Domain description (domain)

Description of a domain stores a list of features, class(es) and meta attribute descriptors. A domain descriptor is attached to all tables in Orange to assign names and types to the corresponding columns. Columns in the Orange.data.Table have the roles of attributes (features, independent variables), class(es) (targets, outcomes, dependent variables) and meta attributes; in parallel to that, the domain descriptor stores their corresponding descriptions in collections of variable descriptors of type Orange.data.Variable.

Domain descriptors are also stored in predictive models and other objects to facilitate automated conversions between domains, as described below.

Domains are most often constructed automatically when loading the data or wrapping the numpy arrays into Orange’s Table.

>>> from Orange.data import Table
>>> iris = Table("iris")
>>> iris.domain
[sepal length, sepal width, petal length, petal width | iris]

Domain conversion

Domain descriptors also convert data instances between different domains.
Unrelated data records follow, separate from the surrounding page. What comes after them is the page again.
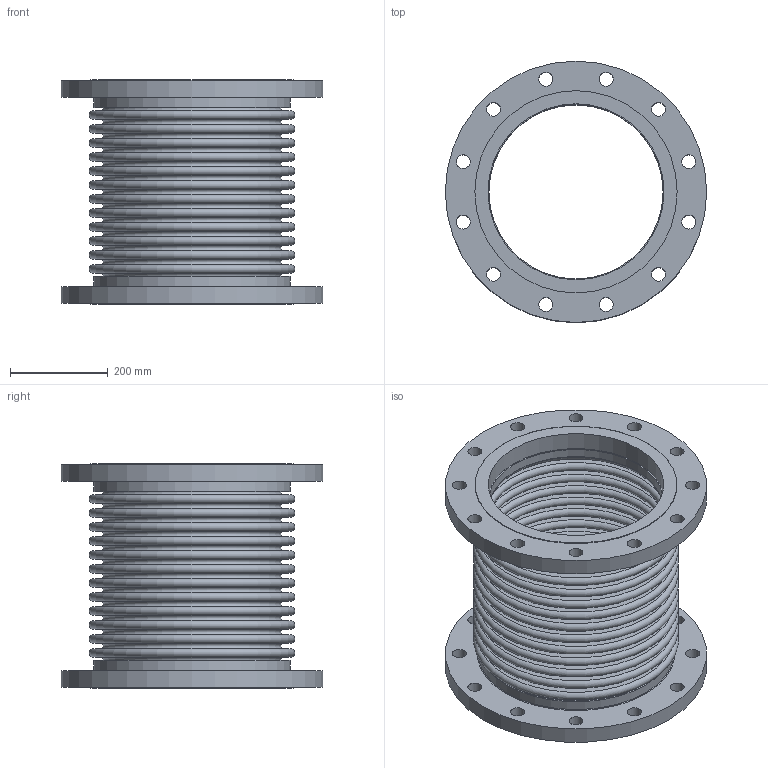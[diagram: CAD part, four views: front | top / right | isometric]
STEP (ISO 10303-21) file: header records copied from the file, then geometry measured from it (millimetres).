
FILE_DESCRIPTION(/* description */ ('EXPANSION JOINT,SINGLE, FLANGED ENDS,14 INCH','CAx-IF Rec.Pracs.---Representation and Presentation of Product Manufacturing Information (PMI)---4.0---2014-10-13'),/* implementation_level */ '2;1');
FILE_NAME(/* name */ 'US-14-12-300L-FLANGED ENDS.stp',/* time_stamp */ '2026-07-31T17:29:59-05:00',/* author */ ('Guadalupe'),/* organization */ (''),/* preprocessor_version */ 'ST-DEVELOPER v20.1',/* originating_system */ 'Autodesk Inventor 2026',/* authorisation */ '');
FILE_SCHEMA (('AP242_MANAGED_MODEL_BASED_3D_ENGINEERING_MIM_LF { 1 0 10303 442 2 1 4 }'));
Length unit declared in the file: inch
Products named in the file (3): 14-300L; 14-300L-02; 14-300L-01
Assembly tree (3 placements, depth 2):
  14-300L
    14-300L-02  x2
    14-300L-01
Bounding box: 533.4 x 533.4 x 457.2 mm (x, y, z)
Volume: 12217446.8 mm3; surface area: 3086157.2 mm2
Topology: 5 solids, 5 shells, 152 faces, 270 edges, 180 vertices
Faces by surface type: plane 62, torus 54, cylinder 36
Full cylindrical faces by diameter (mm): 28.575 x24, 355.6 x2, 359.156 x2, 361.696 x2, 400.05 x2, 412.75 x2, 533.4 x2
Entity records: 3450 total; most frequent: DIRECTION 710, CARTESIAN_POINT 513, ORIENTED_EDGE 432, AXIS2_PLACEMENT_3D 345, EDGE_CURVE 216, EDGE_LOOP 212, CIRCLE 196, VERTEX_POINT 144
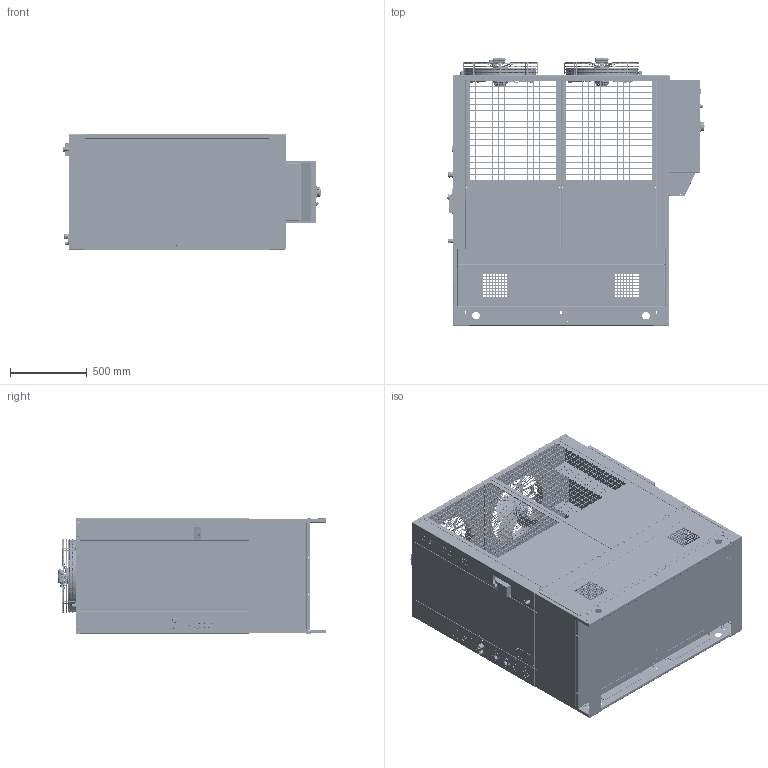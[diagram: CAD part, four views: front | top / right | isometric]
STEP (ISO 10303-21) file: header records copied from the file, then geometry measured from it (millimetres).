
FILE_DESCRIPTION (( 'STEP AP214' ), '1' );
FILE_NAME ('50-3D-00015+50-3D-00022+UL-CSA.STEP', '2018-12-13T12:41:23', ( 'Utente' ), ( 'Microsoft' ), 'SwSTEP 2.0', 'SolidWorks 2013', '' );
FILE_SCHEMA (( 'AUTOMOTIVE_DESIGN' ));
Length unit declared in the file: millimetre
Products named in the file (67): CR-2D-00004_000; VR-3D-00035_000; SELETTORE_NERO; CR-3D-00002_000; VE-W3-00001; VR-3D-00023_002; Tappo quadro elettrico; Welding stud DIN32501-1 M6X15 INOX; SE-RP-00013_FIGURINO; VR-3D-00024_001; DED965FB-6F17-44D8-8B5E-7FBD67AD56EC; Rivelox M6 Reduced Head Hexagonal Shank; PG 13.5_Cable-Gland-1.209.1300.14-Nelco; VR-3D-00022_002; SW3dPS-rotary switch_Dial; PG 13.5_1_Socket-1.209.1300.14-Nelco; VR-3D-00003_002; SW3dPS-rotary switch_Cowling; CR-3D-00008_000; PG 13.5_2_Nut-PA-Grey-24-24-27-Nelco; RIVELOX M5; SW3dPS-rotary switch_Screw; VR-3D-00021_000; SW3dPS-rotary switch_Indicator Plate; CR-3D-00007_000; VR-2D-00008_001; CR-3D-00005_000; SW3dPS-rotary switch_541-0057-B; VR-3D-00004_001; TE-EL-00007 - EW_971_230V; VR-2D-00014_000; VR-2D-00005_001; Rivelox M5 Reduced Head Hexagonal Shank..; QE 400x600x200; VR-2D-00036_000; VR-2D-00013_001; CR-3D-00011_000; MA-N1-00001_MANOMETRO ACQUA 40mm 0-12 BAR; VR-2D-00012_000; CR-3D-00006_000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
Assembly tree (170 placements, depth 4):
  50-3D-00015+50-3D-00022+UL-CSA
    VR-3D-00004_001
      VR-3D-00004_001
      Rivelox M5 Reduced Head Hexagonal Shank..  x4
    CR-3D-00005_000  x2
    50-3D-00022
      VR-3D-00003_002
        VR-3D-00003_002
        RIVELOX M5  x30
      VR-3D-00022_002
      VR-3D-00024_001  x2
      VR-3D-00023_002  x2
      VR-3D-00004_001
        VR-3D-00004_001
        Rivelox M5 Reduced Head Hexagonal Shank..  x4
      VR-3D-00035_000  x4
    VR-2D-00011_000
      VR-2D-00011_000
      Rivelox M5 Reduced Head Hexagonal Shank.  x8
    VR-2D-00012_000
      VR-2D-00012_000
      Rivelox M5 Reduced Head Hexagonal Shank.  x8
    VR-2D-00013_001
      VR-2D-00013_001
      Rivelox M5 Reduced Head Hexagonal Shank.  x5
    VR-2D-00014_000
      VR-2D-00014_000
      Rivelox M5 Reduced Head Hexagonal Shank.  x5
    CR-3D-00007_000
      CR-3D-00007_000
      Rivelox M5 Reduced Head Hexagonal Shank..  x4
    CR-3D-00008_000
      CR-3D-00008_000
      Rivelox M5 Reduced Head Hexagonal Shank..  x4
    CR-3D-00002_000
      CR-3D-00002_000
      Rivelox M5 Reduced Head Hexagonal Shank..  x6
      Rivelox M6 Reduced Head Hexagonal Shank  x4
      Welding stud DIN32501-1 M6X15 INOX
    CR-2D-00004_000
    VR-3D-00015_001
      VR-3D-00015_001A
      VR-3D-00015_001B  x2
    CR-3D-00006_000
      CR-3D-00006_000
      Rivelox M5 Reduced Head Hexagonal Shank  x4
    CR-3D-00011_000  x2
      CR-3D-00011_000
      Rivelox M5 Reduced Head Hexagonal Shank.
    VR-2D-00005_001  x4
      VR-2D-00005_001
      Rivelox M5 Reduced Head Hexagonal Shank.
    VR-2D-00008_001
      VR-2D-00008_001
      Rivelox M5 Reduced Head Hexagonal Shank.  x2
    VR-3D-00021_000
    PG 13.5_Cable-Gland-1.209.1300.14-Nelco  x3
      PG 13.5_2_Nut-PA-Grey-24-24-27-Nelco
      PG 13.5_1_Socket-1.209.1300.14-Nelco
    SE-RP-00013_FIGURINO
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Bounding box: 1682.04 x 1748.26 x 754.7 mm (x, y, z)
Volume: 21486831.3 mm3; surface area: 32036122.5 mm2
Topology: 228 solids, 458 shells, 18430 faces, 56516 edges, 38222 vertices
Faces by surface type: plane 11277, cylinder 3201, bspline 2791, cone 1041, torus 120
Entity records: 521660 total; most frequent: CARTESIAN_POINT 243281, ORIENTED_EDGE 52421, DIRECTION 44172, EDGE_CURVE 28919, VERTEX_POINT 19455, VECTOR 17026, LINE 17026, AXIS2_PLACEMENT_3D 13573
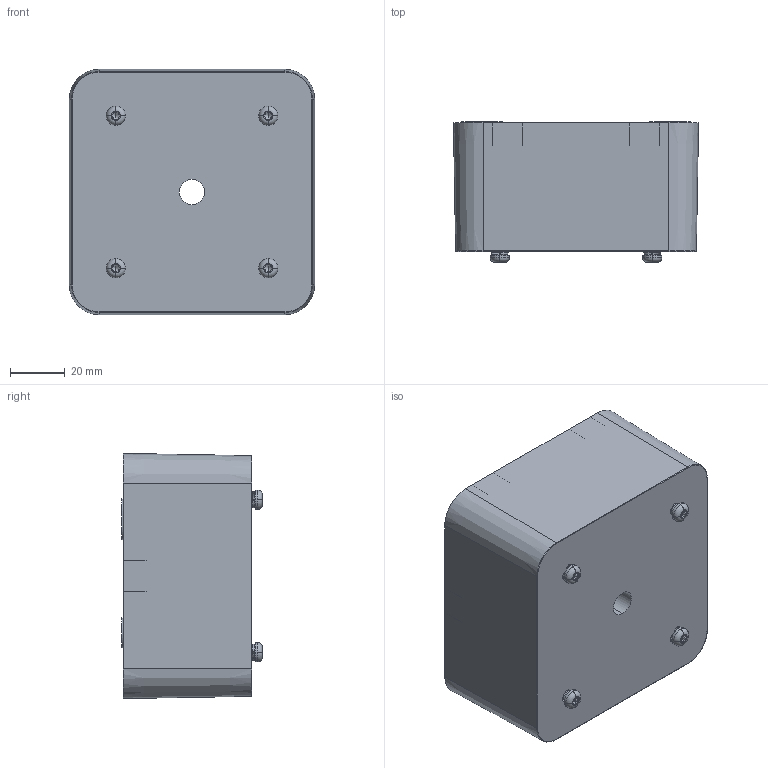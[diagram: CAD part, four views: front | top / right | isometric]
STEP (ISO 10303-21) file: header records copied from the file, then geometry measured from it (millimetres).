
FILE_DESCRIPTION (( 'STEP AP214' ), '1' );
FILE_NAME ('CS_AP-Dose.STEP', '2021-02-15T07:15:11', ( '' ), ( '' ), 'SwSTEP 2.0', 'SolidWorks 2017', '' );
FILE_SCHEMA (( 'AUTOMOTIVE_DESIGN' ));
Length unit declared in the file: millimetre
Products named in the file (2): CS_AP-Dose
Bounding box: 89.64 x 51.4 x 89.64 mm (x, y, z)
Surface area: 33995.8 mm2 (no closed solid volume)
Topology: 0 solids, 14 shells, 243 faces, 858 edges, 610 vertices
Faces by surface type: cylinder 89, plane 64, cone 44, torus 28, bspline 18
Entity records: 12901 total; most frequent: CARTESIAN_POINT 3495, ORIENTED_EDGE 1340, DIRECTION 1264, EDGE_CURVE 850, VERTEX_POINT 610, AXIS2_PLACEMENT_3D 458, LINE 348, VECTOR 348
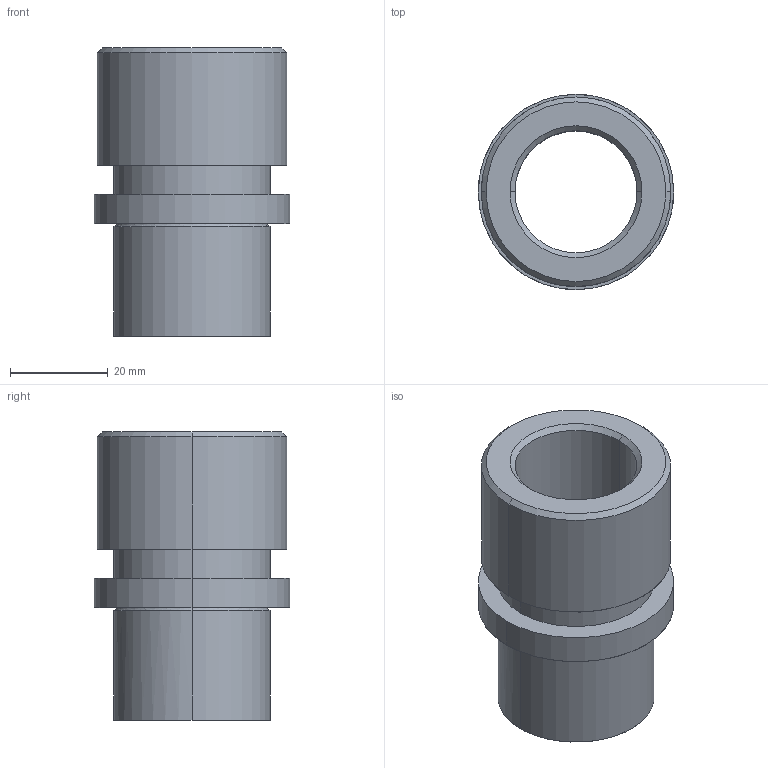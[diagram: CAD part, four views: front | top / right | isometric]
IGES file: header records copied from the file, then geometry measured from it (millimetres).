
Start section: START RECORD GO HERE.
Global section: file name: 733-19.igs; native system: DASSAULT SYSTEMES CATIA V5 R20 - www.3ds.com; preprocessor: CATIA Version 5 Release 20 ; author: Utente; organization: NB04-ASUS; date: 20210111.184209; units: millimetre
Bounding box: 40 x 40 x 59 mm (x, y, z)
Surface area: 13514.5 mm2 (no closed solid volume)
Topology: 0 solids, 0 shells, 25 faces, 100 edges, 100 vertices
Faces by surface type: revolution 20, plane 5
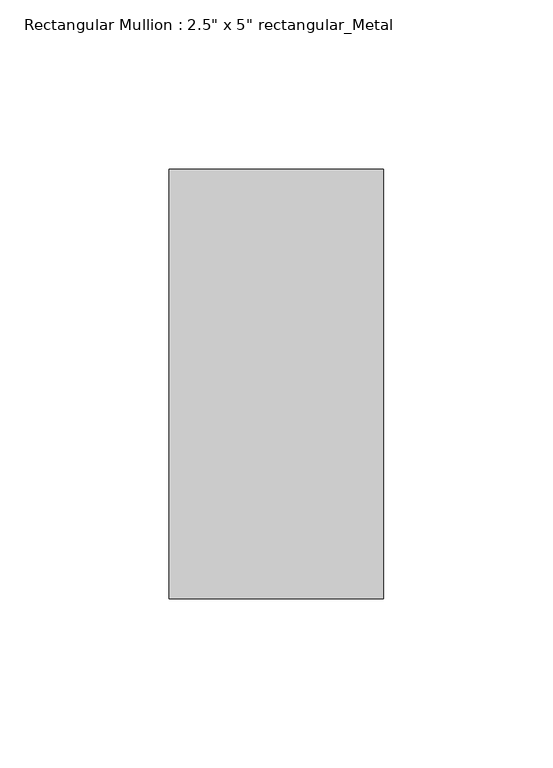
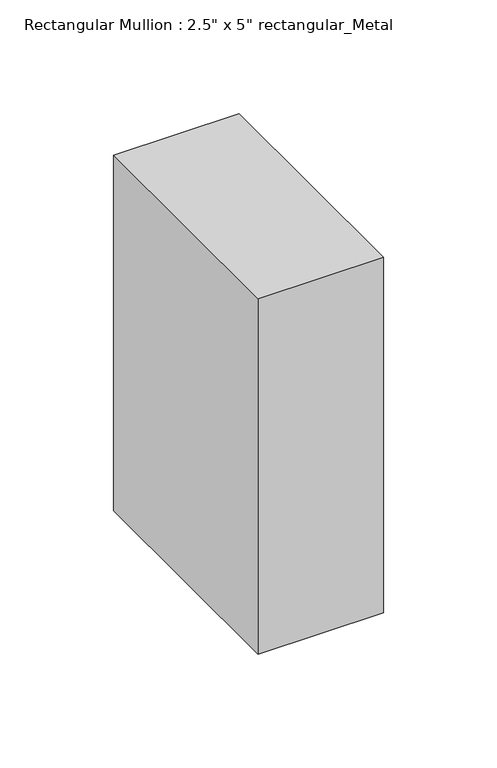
"""IFC4 building model written with IfcOpenShell, lengths in millimetres: member geometry."""

from ifc_helpers import new_model, si_unit, frame, origin, place, context, project, spatial, polyline, outline, extrude, source, transform, mapped, element, save


def member_c5a9dac0(model_context):
    return source(origin(), model_context, "Body", "SweptSolid", [
        extrude(outline(polyline([(0.0, 63.5), (0.0, -63.5), (-63.5, -63.5), (-63.5, 63.5), (0.0, 63.5)])), frame((0.0, 0.0, -190.5), z_axis=(0.0, 0.0, 1.0), x_axis=(1.0, 0.0, 0.0)), (0.0, 0.0, 1.0), 190.5),
    ])


if __name__ == "__main__":
    model = new_model("IFC4")
    model_context = context("Model", 3, world=origin())
    ifc_project = project(units=[si_unit("LENGTHUNIT", "METRE", prefix="MILLI")], contexts=[model_context])
    site = spatial("IfcSite", under=ifc_project)
    building = spatial("IfcBuilding", under=site)
    placement = place(None, origin())
    member_shape = member_c5a9dac0(model_context)
    element("IfcMember", 1, ObjectType="Rectangular Mullion : 2.5\" x 5\" rectangular_Metal", at=placement, inside=building, context=model_context, shape_type="MappedRepresentation", body=[
        mapped(member_shape, transform((0.0, 0.0, 0.0), x_axis=(1.0, 0.0, 0.0), y_axis=(0.0, 1.0, 0.0), z_axis=(0.0, 0.0, 1.0))),
    ])
    save(model, "model.ifc")
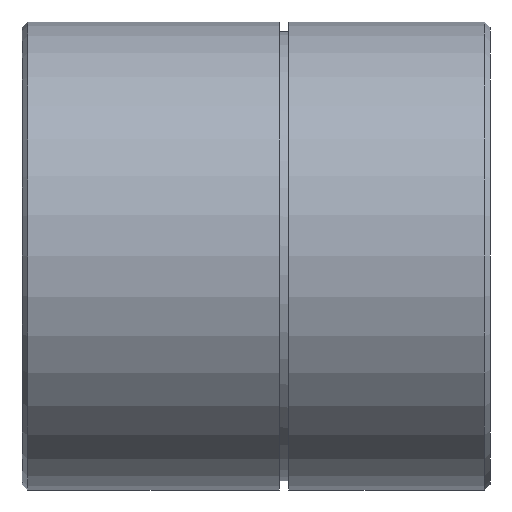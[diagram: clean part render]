
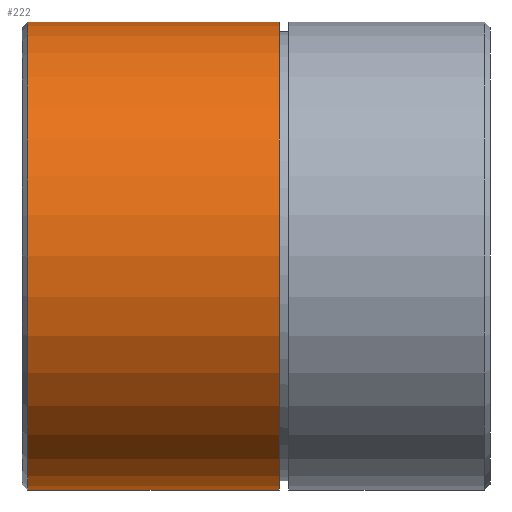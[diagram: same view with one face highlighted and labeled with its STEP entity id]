
A CAD part, left-side view. The second image highlights one B-rep face of the part: STEP entity #222.
In plain terms, the highlighted cylindrical face has radius 12.5 mm (diameter 25 mm), a partial arc.
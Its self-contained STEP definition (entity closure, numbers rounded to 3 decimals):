
#41 = ORIENTED_EDGE ( 'NONE', *, *, #83, .F. ) ;
#42 = DIRECTION ( 'NONE',  ( 0., -1., 0. ) ) ;
#75 = DIRECTION ( 'NONE',  ( 0., 0., -1. ) ) ;
#76 = EDGE_CURVE ( 'NONE', #403, #375, #548, .T. ) ;
#78 = CARTESIAN_POINT ( 'NONE',  ( 0., 24.7, 12.5 ) ) ;
#83 = EDGE_CURVE ( 'NONE', #207, #111, #398, .T. ) ;
#111 = VERTEX_POINT ( 'NONE', #302 ) ;
#160 = EDGE_CURVE ( 'NONE', #375, #111, #444, .T. ) ;
#168 = LINE ( 'NONE', #695, #593 ) ;
#202 = EDGE_CURVE ( 'NONE', #403, #207, #168, .T. ) ;
#207 = VERTEX_POINT ( 'NONE', #641 ) ;
#212 = CARTESIAN_POINT ( 'NONE',  ( 0., 25., 0. ) ) ;
#222 = ADVANCED_FACE ( 'NONE', ( #534 ), #339, .T. ) ;
#240 = DIRECTION ( 'NONE',  ( 0., 0., 1. ) ) ;
#242 = ORIENTED_EDGE ( 'NONE', *, *, #202, .F. ) ;
#256 = CARTESIAN_POINT ( 'NONE',  ( 0., 11.25, 0. ) ) ;
#268 = ORIENTED_EDGE ( 'NONE', *, *, #76, .T. ) ;
#269 = AXIS2_PLACEMENT_3D ( 'NONE', #512, #515, #240 ) ;
#302 = CARTESIAN_POINT ( 'NONE',  ( 0., 11.25, -12.5 ) ) ;
#305 = DIRECTION ( 'NONE',  ( 0., -1., 0. ) ) ;
#322 = ORIENTED_EDGE ( 'NONE', *, *, #160, .T. ) ;
#339 = CYLINDRICAL_SURFACE ( 'NONE', #400, 12.5 ) ;
#350 = AXIS2_PLACEMENT_3D ( 'NONE', #256, #305, #627 ) ;
#375 = VERTEX_POINT ( 'NONE', #468 ) ;
#396 = EDGE_LOOP ( 'NONE', ( #242, #268, #322, #41 ) ) ;
#398 = CIRCLE ( 'NONE', #350, 12.5 ) ;
#400 = AXIS2_PLACEMENT_3D ( 'NONE', #212, #42, #75 ) ;
#403 = VERTEX_POINT ( 'NONE', #78 ) ;
#420 = DIRECTION ( 'NONE',  ( 0., -1., 0. ) ) ;
#444 = LINE ( 'NONE', #639, #539 ) ;
#468 = CARTESIAN_POINT ( 'NONE',  ( 0., 24.7, -12.5 ) ) ;
#512 = CARTESIAN_POINT ( 'NONE',  ( 0., 24.7, 0. ) ) ;
#515 = DIRECTION ( 'NONE',  ( 0., -1., 0. ) ) ;
#533 = DIRECTION ( 'NONE',  ( 0., -1., 0. ) ) ;
#534 = FACE_OUTER_BOUND ( 'NONE', #396, .T. ) ;
#539 = VECTOR ( 'NONE', #420, 1000. ) ;
#548 = CIRCLE ( 'NONE', #269, 12.5 ) ;
#593 = VECTOR ( 'NONE', #533, 1000. ) ;
#627 = DIRECTION ( 'NONE',  ( 0., 0., -1. ) ) ;
#639 = CARTESIAN_POINT ( 'NONE',  ( 0., 25., -12.5 ) ) ;
#641 = CARTESIAN_POINT ( 'NONE',  ( 0., 11.25, 12.5 ) ) ;
#695 = CARTESIAN_POINT ( 'NONE',  ( 0., 25., 12.5 ) ) ;
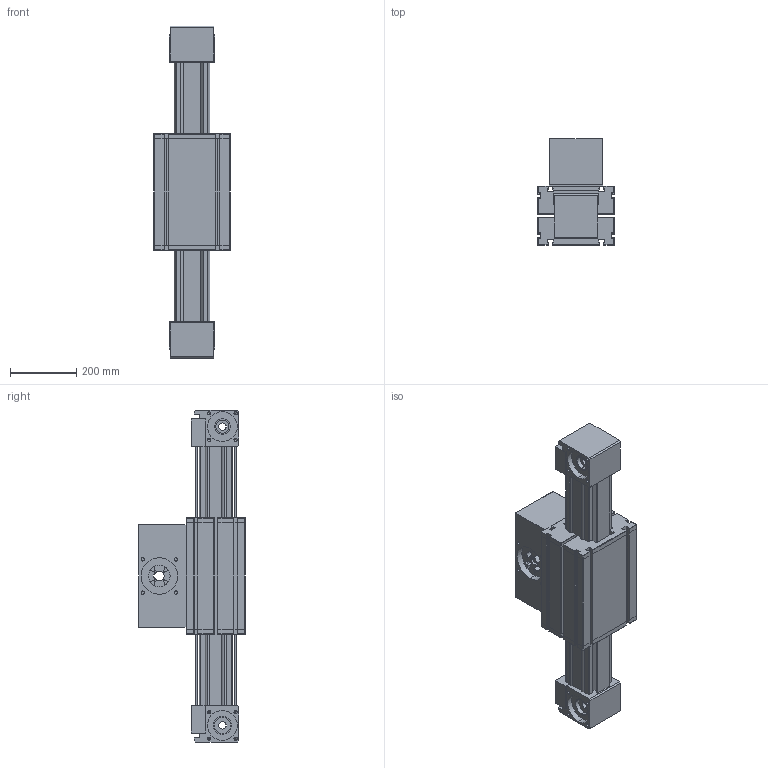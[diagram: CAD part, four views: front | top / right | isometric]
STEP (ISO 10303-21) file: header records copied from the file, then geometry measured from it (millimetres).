
FILE_DESCRIPTION (( 'STEP AP214' ), '1' );
FILE_NAME ('ELZT100.STEP', '2023-09-11T08:34:37', ( '' ), ( '' ), 'SwSTEP 2.0', 'SolidWorks 2020', '' );
FILE_SCHEMA (( 'AUTOMOTIVE_DESIGN' ));
Length unit declared in the file: millimetre
Products named in the file (6): profile^ELZT100; ELZT100; carriage^ELZT100_carriage version 0; timing belt reverse unit carriage^ELZT100_coupling claw pos.2; timing belt reverse unit^ELZT100_coupling claw pos.2; timing belt reverse unit^ELZT100_coupling claw pos.1
Assembly tree (6 placements, depth 2):
  ELZT100
    profile^ELZT100
    carriage^ELZT100_carriage version 0  x2
    timing belt reverse unit carriage^ELZT100_coupling claw pos.2
    timing belt reverse unit^ELZT100_coupling claw pos.1
    timing belt reverse unit^ELZT100_coupling claw pos.2
Bounding box: 230 x 321 x 1000 mm (x, y, z)
Volume: 26854032.1 mm3; surface area: 2161083.5 mm2
Topology: 18 solids, 18 shells, 864 faces, 2286 edges, 1466 vertices
Faces by surface type: plane 493, cylinder 281, cone 70, torus 16, sphere 4
Entity records: 19217 total; most frequent: CARTESIAN_POINT 3377, DIRECTION 3259, ORIENTED_EDGE 3122, EDGE_CURVE 1561, AXIS2_PLACEMENT_3D 1110, LINE 1039, VECTOR 1039, VERTEX_POINT 1012

In a typical scenario, we may want to discretize some continuous data before inducing a model. Discretizers (Orange.preprocess) construct a new data table with attribute descriptors (Orange.data.variable), that include the corresponding functions for conversion from continuous to discrete values. The trained model stores this domain descriptor and uses it to convert instances from the original domain to the discretized one at prediction phase.

In general, instances are converted between domains as follows.

  • If the target attribute appears in the source domain, the value is copied; two attributes are considered the same if they have the same descriptor.
  • If the target attribute descriptor defines a function for value transformation, the value is transformed.
  • Otherwise, the value is marked as missing.

An exception to this rule are domains in which the anonymous flag is set. When the source or the target domain is anonymous, they match if they have the same number of variables and types. In this case, the data is copied without considering the attribute descriptors.